European Bird Census Council
- Abbreviation: EBCC
- Formation: 1992; 34 years ago
- Merger of: European Ornithological Atlas Committee International Bird Census Committee
- Type: NGO
- Legal status: Non-profit organisation
- Purpose: Management and conservation of European bird populations
- Location: Beek, Netherlands;
- Region served: Europe
- Website: ebcc.info

= European Bird Census Council =

Ornithological organisation

The European Bird Census Council (EBCC) is an ornithological organisation which studies the population, distribution and demographics of European birds in order to inform conservation and management efforts. The organisation is headquartered in the Netherlands, and has active members in over 40 countries.

==Founding==
The EBCC was founded in 1992, following the merger of two ornithological organisations, the European Ornithological Atlas Committee and the International Bird Census Committee.

==Monitoring==
The EBCC is responsible for the Pan-European Common Bird Monitoring Scheme (PECBMS), which aims to collect data from national bird monitoring schemes across Europe so as to study the forces behind population changes and use common bird indicators as a proxy for environmental health, and thus inform policy.

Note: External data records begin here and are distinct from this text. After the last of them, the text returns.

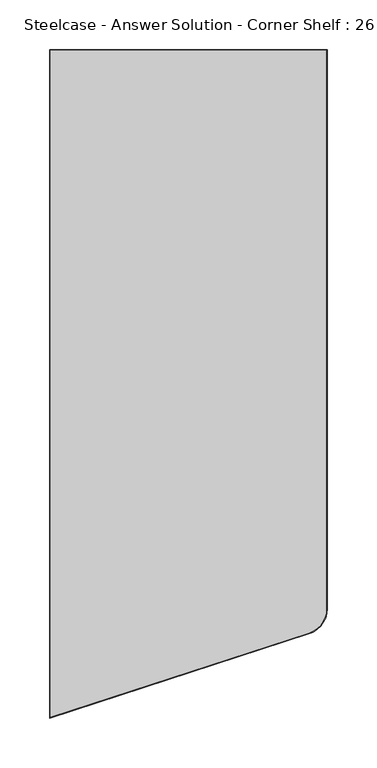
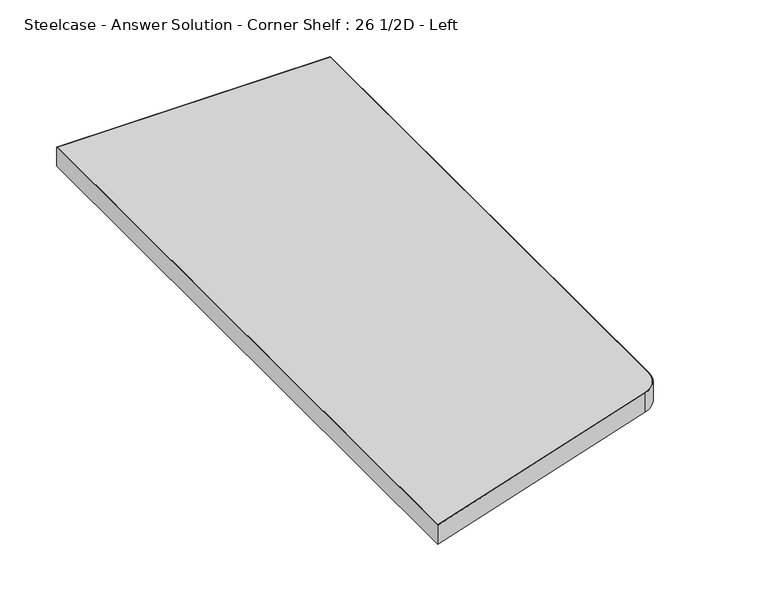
"""IFC4 building model written with IfcOpenShell, lengths in millimetres: furniture geometry, Steelcase - Answer Solution - Corner Shelf : 26 1/2D - Left."""

from ifc_helpers import new_model, si_unit, point, frame, frame_2d, origin, place, context, project, spatial, polyline, circle_curve, trimmed, segment, composite_curve, outline, extrude, source, transform, mapped, element, save


def steelcase_answer_solution_corner_shelf_26_1_2d_left_234be44d(model_context):
    return source(origin(), model_context, "Body", "SweptSolid", [
        extrude(outline(composite_curve([segment(polyline([(443.738, 172.212), (443.738, -389.8540688)]), True, "CONTINUOUS"), segment(trimmed(circle_curve(frame_2d((417.83, -389.8540688)), 25.908), [point((443.738, -389.8540688))], [point((425.8345824, -414.4945056))], False, "CARTESIAN"), True, "CONTINUOUS"), segment(polyline([(425.8345824, -414.4945056), (165.862, -499.1130655), (165.862, 172.212), (443.738, 172.212)]), True, "CONTINUOUS")], self_intersect=False)), frame((0.0, 0.0, 723.9), z_axis=(0.0, 0.0, 1.0), x_axis=(1.0, 0.0, 0.0)), (0.0, 0.0, 1.0), 20.574),
        extrude(outline(composite_curve([segment(polyline([(426.0834994, -415.2607447), (165.0563438, -500.2225581), (165.0563438, 173.0176563), (444.5436563, 173.0176563), (444.5436563, -389.8540688)]), True, "CONTINUOUS"), segment(trimmed(circle_curve(frame_2d((417.83, -389.8540688)), 26.7136563), [point((444.5436563, -389.8540688))], [point((426.0834994, -415.2607447))], False, "CARTESIAN"), True, "CONTINUOUS")], self_intersect=False), holes=[composite_curve([segment(polyline([(443.738, 172.212), (165.862, 172.212), (165.862, -499.1130655), (425.8345824, -414.4945056)]), True, "CONTINUOUS"), segment(trimmed(circle_curve(frame_2d((417.83, -389.8540688)), 25.908), [point((425.8345824, -414.4945056))], [point((443.738, -389.8540688))], True, "CARTESIAN"), True, "CONTINUOUS"), segment(polyline([(443.738, -389.8540688), (443.738, 172.212)]), True, "CONTINUOUS")], self_intersect=False)]), frame((0.0, 0.0, 723.9), z_axis=(0.0, 0.0, 1.0), x_axis=(1.0, 0.0, 0.0)), (0.0, 0.0, 1.0), 20.574),
    ])


if __name__ == "__main__":
    model = new_model("IFC4")
    model_context = context("Model", 3, world=origin())
    ifc_project = project(units=[si_unit("LENGTHUNIT", "METRE", prefix="MILLI")], contexts=[model_context])
    site = spatial("IfcSite", under=ifc_project)
    building = spatial("IfcBuilding", under=site)
    placement = place(None, origin())
    steelcase_answer_solution_corner_shelf_26_1_2d_left_shape = steelcase_answer_solution_corner_shelf_26_1_2d_left_234be44d(model_context)
    element("IfcFurniture", 1, ObjectType="Steelcase - Answer Solution - Corner Shelf : 26 1/2D - Left", at=placement, inside=building, context=model_context, shape_type="MappedRepresentation", body=[
        mapped(steelcase_answer_solution_corner_shelf_26_1_2d_left_shape, transform((0.0, 0.0, 0.0), x_axis=(1.0, 0.0, 0.0), y_axis=(0.0, 1.0, 0.0), z_axis=(0.0, 0.0, 1.0))),
    ])
    save(model, "model.ifc")

Monitoring data is published as the European Breeding Birds Atlas, the second of which (EBBA2) is currently in preparation. The data collected as part of the PECBMS and EBBA2 programmes is also distributed on the EBCC-run portal, EuroBirdPortal, as well as through the Global Biodiversity Information Facility (GBIF).

==Activities==
The EBCC run a conference every three years, devoted to ornithological monitoring, conservation and research in Europe and abroad. The organisation also publishes the Journal of the European Bird Census Council, entitled Bird Census News, which has been running since 1987.